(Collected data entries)
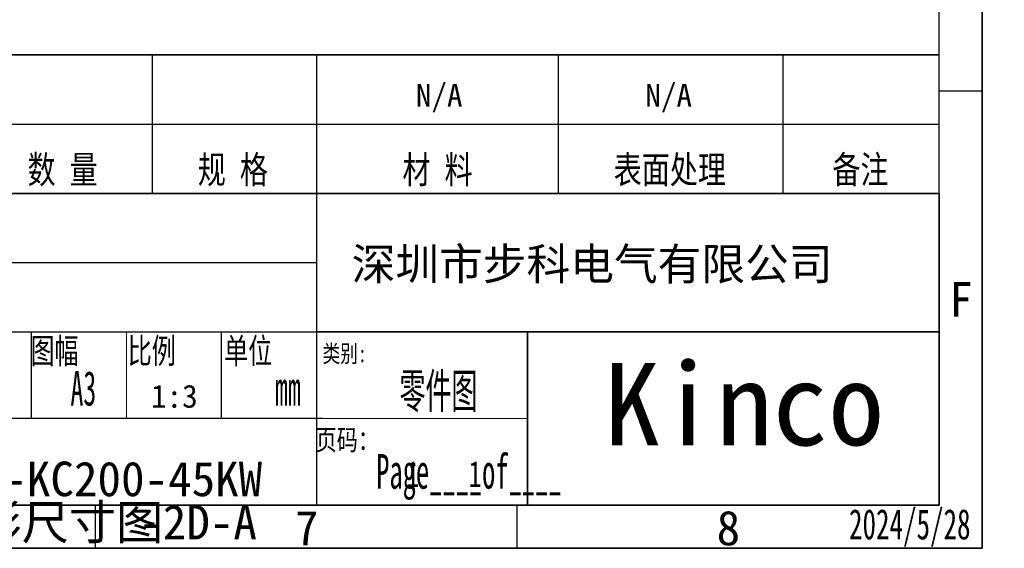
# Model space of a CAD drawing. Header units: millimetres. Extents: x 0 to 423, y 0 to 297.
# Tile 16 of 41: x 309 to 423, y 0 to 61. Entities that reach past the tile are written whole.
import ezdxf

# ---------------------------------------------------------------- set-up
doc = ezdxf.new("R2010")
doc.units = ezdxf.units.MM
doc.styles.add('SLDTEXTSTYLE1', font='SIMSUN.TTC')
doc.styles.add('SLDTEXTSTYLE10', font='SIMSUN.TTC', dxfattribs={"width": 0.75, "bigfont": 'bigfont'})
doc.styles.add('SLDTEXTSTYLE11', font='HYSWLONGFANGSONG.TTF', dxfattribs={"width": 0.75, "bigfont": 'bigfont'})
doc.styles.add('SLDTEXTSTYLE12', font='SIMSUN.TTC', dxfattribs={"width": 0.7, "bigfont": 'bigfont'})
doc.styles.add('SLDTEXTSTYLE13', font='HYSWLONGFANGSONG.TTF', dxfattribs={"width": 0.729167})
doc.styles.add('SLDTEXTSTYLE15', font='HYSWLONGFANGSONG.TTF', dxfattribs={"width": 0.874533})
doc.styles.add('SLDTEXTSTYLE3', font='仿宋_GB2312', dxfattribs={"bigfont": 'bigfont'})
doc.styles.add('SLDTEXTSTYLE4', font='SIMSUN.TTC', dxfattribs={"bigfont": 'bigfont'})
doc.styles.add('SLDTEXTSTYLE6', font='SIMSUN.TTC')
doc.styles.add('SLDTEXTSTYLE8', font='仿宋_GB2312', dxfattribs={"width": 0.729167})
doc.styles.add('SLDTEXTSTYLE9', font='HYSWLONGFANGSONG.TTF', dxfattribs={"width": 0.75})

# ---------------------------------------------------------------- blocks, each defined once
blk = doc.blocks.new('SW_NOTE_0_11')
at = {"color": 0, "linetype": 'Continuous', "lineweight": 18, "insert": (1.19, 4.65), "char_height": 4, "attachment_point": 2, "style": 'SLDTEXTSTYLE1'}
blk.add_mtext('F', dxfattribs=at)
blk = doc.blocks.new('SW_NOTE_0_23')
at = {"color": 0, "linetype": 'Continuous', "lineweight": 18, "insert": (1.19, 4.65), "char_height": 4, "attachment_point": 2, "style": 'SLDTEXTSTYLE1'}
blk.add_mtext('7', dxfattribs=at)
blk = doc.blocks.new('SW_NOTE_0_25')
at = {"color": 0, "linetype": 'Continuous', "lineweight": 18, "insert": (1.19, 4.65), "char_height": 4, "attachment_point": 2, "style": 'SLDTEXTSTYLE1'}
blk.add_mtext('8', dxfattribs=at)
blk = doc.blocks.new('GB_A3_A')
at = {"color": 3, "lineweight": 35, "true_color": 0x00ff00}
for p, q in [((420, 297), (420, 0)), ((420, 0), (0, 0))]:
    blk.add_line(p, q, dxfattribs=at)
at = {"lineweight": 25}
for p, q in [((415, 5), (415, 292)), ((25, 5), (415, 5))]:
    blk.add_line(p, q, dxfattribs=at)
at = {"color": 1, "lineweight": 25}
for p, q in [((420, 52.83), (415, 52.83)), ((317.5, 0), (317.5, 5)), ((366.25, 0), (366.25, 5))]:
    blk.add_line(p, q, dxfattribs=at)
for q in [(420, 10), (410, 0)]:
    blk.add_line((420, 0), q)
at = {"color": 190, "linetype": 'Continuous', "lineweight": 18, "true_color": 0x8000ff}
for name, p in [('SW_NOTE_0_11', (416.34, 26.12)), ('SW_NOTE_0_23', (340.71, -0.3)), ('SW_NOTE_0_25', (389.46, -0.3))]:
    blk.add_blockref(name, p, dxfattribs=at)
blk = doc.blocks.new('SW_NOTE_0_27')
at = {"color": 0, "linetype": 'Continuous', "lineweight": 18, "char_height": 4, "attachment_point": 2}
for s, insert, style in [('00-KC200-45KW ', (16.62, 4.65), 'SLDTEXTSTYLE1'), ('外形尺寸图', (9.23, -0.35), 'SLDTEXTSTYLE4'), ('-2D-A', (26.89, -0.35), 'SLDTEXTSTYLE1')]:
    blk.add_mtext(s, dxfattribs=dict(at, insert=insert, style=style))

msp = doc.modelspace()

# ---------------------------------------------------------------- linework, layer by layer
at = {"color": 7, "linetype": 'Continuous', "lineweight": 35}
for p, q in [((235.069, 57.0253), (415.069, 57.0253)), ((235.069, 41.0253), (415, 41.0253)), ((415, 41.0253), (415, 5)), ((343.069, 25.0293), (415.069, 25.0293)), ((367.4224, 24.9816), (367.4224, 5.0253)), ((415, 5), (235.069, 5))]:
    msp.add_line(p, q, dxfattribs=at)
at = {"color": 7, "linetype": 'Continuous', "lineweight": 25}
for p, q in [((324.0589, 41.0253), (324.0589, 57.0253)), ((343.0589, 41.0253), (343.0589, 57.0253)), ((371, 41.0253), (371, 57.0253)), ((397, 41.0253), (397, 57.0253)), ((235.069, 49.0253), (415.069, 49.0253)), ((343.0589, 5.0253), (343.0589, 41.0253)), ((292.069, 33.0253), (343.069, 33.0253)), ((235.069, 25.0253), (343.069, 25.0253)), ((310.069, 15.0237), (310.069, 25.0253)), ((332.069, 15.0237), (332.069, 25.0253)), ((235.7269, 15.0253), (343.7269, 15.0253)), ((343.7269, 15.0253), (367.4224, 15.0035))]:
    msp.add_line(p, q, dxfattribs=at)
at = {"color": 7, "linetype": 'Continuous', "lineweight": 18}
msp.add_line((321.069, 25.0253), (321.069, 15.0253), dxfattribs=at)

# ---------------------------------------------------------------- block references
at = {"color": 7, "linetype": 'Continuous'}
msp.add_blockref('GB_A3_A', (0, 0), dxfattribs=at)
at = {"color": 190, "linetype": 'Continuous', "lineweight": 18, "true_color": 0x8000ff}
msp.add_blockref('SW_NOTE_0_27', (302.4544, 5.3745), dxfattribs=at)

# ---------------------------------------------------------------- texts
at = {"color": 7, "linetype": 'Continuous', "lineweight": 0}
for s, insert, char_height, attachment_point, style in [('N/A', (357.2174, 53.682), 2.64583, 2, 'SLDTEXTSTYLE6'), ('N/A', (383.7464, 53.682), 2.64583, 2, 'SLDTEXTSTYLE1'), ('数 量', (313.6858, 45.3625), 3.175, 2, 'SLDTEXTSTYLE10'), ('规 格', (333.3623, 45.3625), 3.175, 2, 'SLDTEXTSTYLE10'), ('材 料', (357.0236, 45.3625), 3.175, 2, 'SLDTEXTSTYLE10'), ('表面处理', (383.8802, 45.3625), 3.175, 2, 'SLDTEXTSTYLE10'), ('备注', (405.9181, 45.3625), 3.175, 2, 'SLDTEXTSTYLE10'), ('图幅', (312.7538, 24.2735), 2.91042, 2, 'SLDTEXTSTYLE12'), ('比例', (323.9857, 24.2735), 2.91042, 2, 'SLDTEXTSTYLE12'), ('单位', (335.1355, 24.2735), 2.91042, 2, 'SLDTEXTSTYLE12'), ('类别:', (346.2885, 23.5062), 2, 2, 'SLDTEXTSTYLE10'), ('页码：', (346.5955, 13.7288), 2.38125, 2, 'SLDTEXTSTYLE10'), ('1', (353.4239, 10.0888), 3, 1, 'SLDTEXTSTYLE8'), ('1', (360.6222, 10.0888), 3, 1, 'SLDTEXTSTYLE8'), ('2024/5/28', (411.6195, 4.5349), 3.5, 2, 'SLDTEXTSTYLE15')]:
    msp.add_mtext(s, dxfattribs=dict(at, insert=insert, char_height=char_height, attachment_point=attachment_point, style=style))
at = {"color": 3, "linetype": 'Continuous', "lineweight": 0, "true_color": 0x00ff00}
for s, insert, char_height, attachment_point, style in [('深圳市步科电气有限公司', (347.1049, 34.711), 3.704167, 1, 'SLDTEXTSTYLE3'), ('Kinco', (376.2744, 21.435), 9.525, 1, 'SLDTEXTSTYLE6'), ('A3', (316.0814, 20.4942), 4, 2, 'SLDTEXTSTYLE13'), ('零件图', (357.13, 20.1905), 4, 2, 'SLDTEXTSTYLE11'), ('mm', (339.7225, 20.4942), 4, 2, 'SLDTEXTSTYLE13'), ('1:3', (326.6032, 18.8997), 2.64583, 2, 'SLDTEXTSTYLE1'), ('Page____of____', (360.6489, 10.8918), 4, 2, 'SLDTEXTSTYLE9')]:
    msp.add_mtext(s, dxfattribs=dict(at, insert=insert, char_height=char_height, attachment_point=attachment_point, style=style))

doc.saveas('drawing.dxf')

Required action ::
Check each line of the entries above for the word "HYSWLONGFANGSONG". List the ones that have it.

Solution ::
doc.styles.add('SLDTEXTSTYLE11', font='HYSWLONGFANGSONG.TTF', dxfattribs={"width": 0.75, "bigfont": 'bigfont'})
doc.styles.add('SLDTEXTSTYLE13', font='HYSWLONGFANGSONG.TTF', dxfattribs={"width": 0.729167})
doc.styles.add('SLDTEXTSTYLE15', font='HYSWLONGFANGSONG.TTF', dxfattribs={"width": 0.874533})
doc.styles.add('SLDTEXTSTYLE9', font='HYSWLONGFANGSONG.TTF', dxfattribs={"width": 0.75})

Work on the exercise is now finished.